:: Your task ::
Exact transcription, pictures omitted: begin at the top line of the records below and end with the line bearing "FILE_DESCRIPTION(/* description */".

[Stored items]

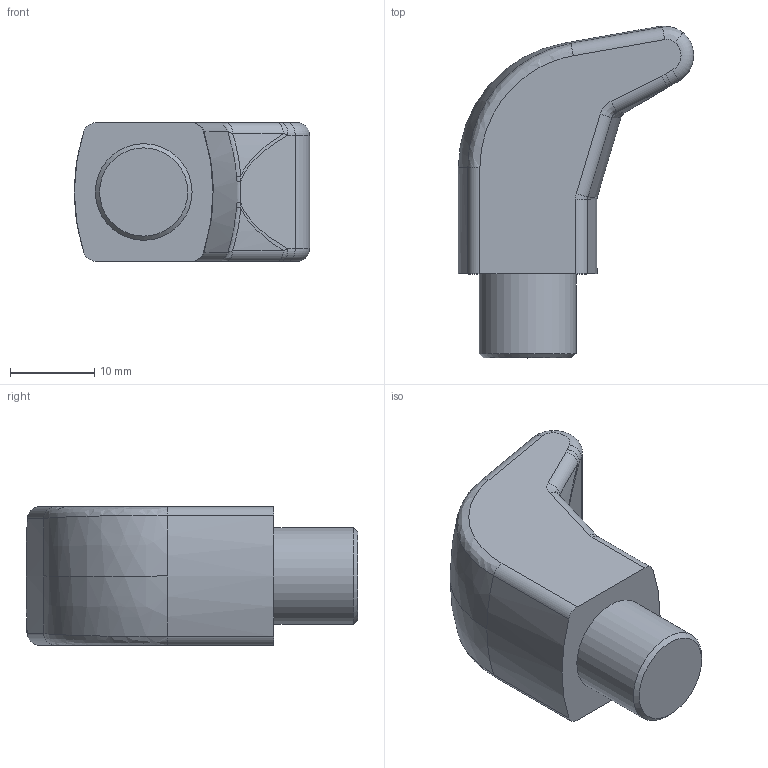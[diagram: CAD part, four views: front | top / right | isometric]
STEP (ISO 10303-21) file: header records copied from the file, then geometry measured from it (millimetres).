
FILE_DESCRIPTION(/* description */ (''),/* implementation_level */ '2;1');
FILE_NAME(/* name */ '\\NAS\db20\C-M57-1\DR_C-M57-1.stp',/* time_stamp */ '2019-02-21T14:30:31+09:00',/* author */ ('user'),/* organization */ (''),/* preprocessor_version */ 'ST-DEVELOPER v15.6',/* originating_system */ 'Autodesk Inventor 2015',/* authorisation */ '');
FILE_SCHEMA (('AUTOMOTIVE_DESIGN { 1 0 10303 214 3 1 1 }'));
Length unit declared in the file: millimetre
Products named in the file (1): DR_C-M57-1
Bounding box: 28 x 39.5 x 16.5 mm (x, y, z)
Volume: 9070.7 mm3; surface area: 2788.1 mm2
Topology: 1 solids, 1 shells, 50 faces, 115 edges, 66 vertices
Faces by surface type: bspline 26, cylinder 16, plane 5, torus 2, cone 1
Full cylindrical faces by diameter (mm): 11.5 x1
Entity records: 1799 total; most frequent: CARTESIAN_POINT 800, ORIENTED_EDGE 222, DIRECTION 165, EDGE_CURVE 111, AXIS2_PLACEMENT_3D 69, VERTEX_POINT 66, EDGE_LOOP 53, FACE_OUTER_BOUND 50

:: Solution to the problem ::
[diagram: CAD part, four views: front | top / right | isometric]
STEP (ISO 10303-21) file: header records copied from the file, then geometry measured from it (millimetres).
FILE_DESCRIPTION(/* description */ (''),/* implementation_level */ '2;1');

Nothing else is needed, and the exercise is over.